Prime numbers are the building blocks of mathematics, especially in the domain of number theory. A prime number is defined as a positive integer greater than 1 that has no divisors other than 1 and itself. This means they cannot be formed by multiplying two smaller numbers together.

Examples of prime numbers include 2, 3, 5, 7, 11, and so forth. The number 2 is particularly notable as it is the only even prime number; all other primes are odd, since any even number greater than 2 can be divided by 2.

Understanding prime numbers is crucial because they play a central role in various mathematical concepts, including the Fundamental Theorem of Arithmetic, which states that every integer greater than 1 either is a prime itself or can be factored into primes in a way that is unique up to the order of the factors.
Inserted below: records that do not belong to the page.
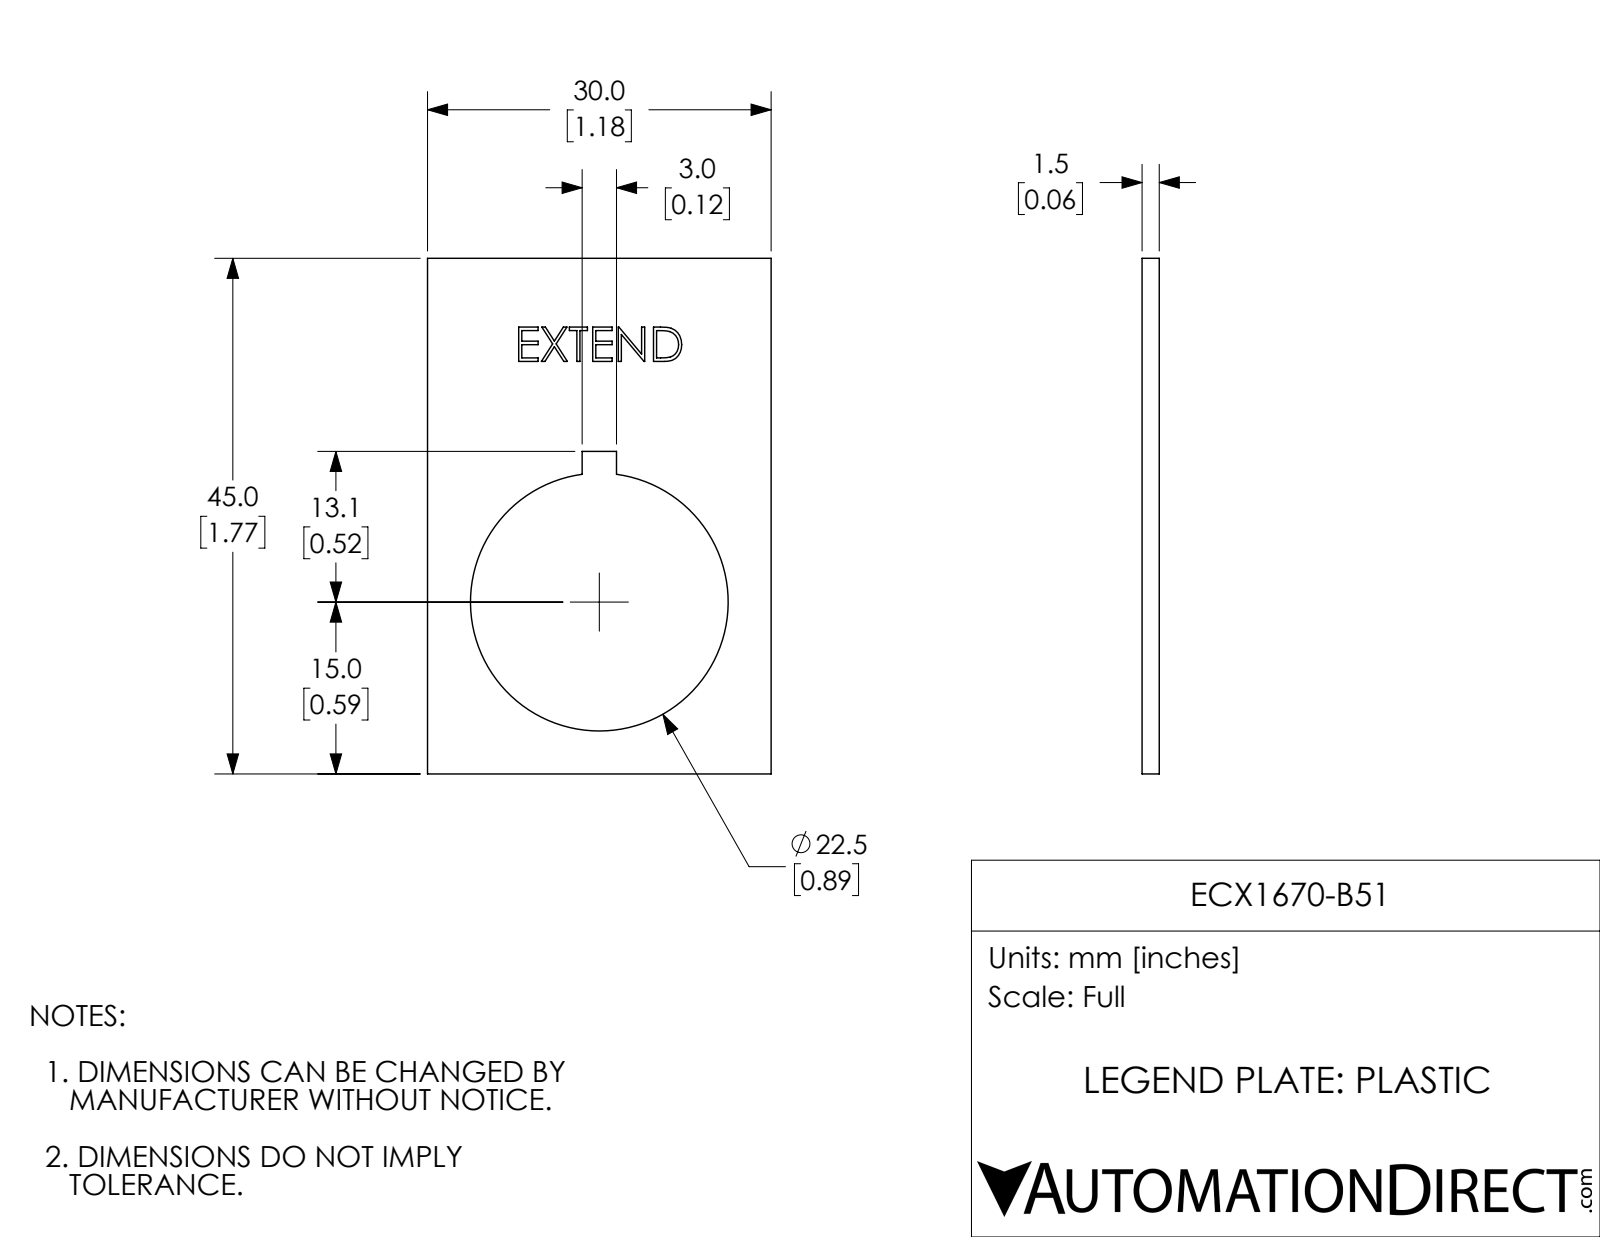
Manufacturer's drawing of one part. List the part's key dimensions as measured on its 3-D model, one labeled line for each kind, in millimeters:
Part name (STEP PRODUCT): ECX1670-B51
STEP written by: SolidWorks 2017 (AUTOMOTIVE_DESIGN)
Units: millimetres
Bodies: 1 solid, 86 faces (76 planar, 3 cylindrical, 7 other)
Overall size (bounding box): 45 × 30 × 1.5
Volume: 1 400 mm³ · Surface area: 2 232 mm²
Round holes (diameter × count): ⌀22.5 ×1
Main face-to-face distances: 1.5, 30, 45, 1.5, 13.5, 16.5, 28.1, 16.8, 3, 0.3

Prime numbers are not just a theoretical concept but also have practical applications, such as in cryptography where they are used to encrypt information, underscoring their importance beyond pure mathematics.

Discrete mathematics is an area of mathematics that is concerned with discrete, as opposed to continuous, quantities. It deals with objects that can only take distinct, separated values. This field of study encompasses a wide range of topics including logic, set theory, graph theory, and combinatorics.

Prime numbers, as an example, are studied within discrete mathematics because they are individual, countable entities. Discrete mathematics provides the tools and principles for analyzing and understanding properties of integers, such as proving whether or not a number is prime.

One vital aspect of discrete mathematics is its emphasis on proof and logical reasoning. Proving conjectures, whether through direct proofs, proof by contradiction, or constructing counterexamples, is at the heart of this discipline. This process of rigorous verification is critical for establishing the validity of mathematical statements.

The relevance of discrete mathematics extends into computer science, where it has applications in algorithm design, analysis of algorithms, and complexity theory. It helps us to design algorithms that are both efficient and reliable, as in encryption algorithms that rely on prime numbers.

A counterexample is a specific example or case that demonstrates a statement to be false. In mathematics, when a claim is made, it often holds generally. However, if you can find even one situation where the claim does not hold, then the claim cannot be universally true.

For instance, the claim that 'if n is a prime number, then 2^n - 1 is also a prime' can be disproven by providing a prime number for n where 2^n - 1 is not prime. As we saw in the exercise, the prime number 11 was used to calculate 2^{11} - 1, which equals 2047. Upon factoring, we find that 2047 is divisible by 23 and 89, showing that it is not a prime number. Thus, this single counterexample is enough to refute the original claim.

Counterexample is a powerful tool in mathematics because it requires only one instance to disprove a general statement, whereas proving a statement generally requires showing that it holds true in all cases. The ability to find counterexamples is an important skill in mathematical problem-solving and theory development.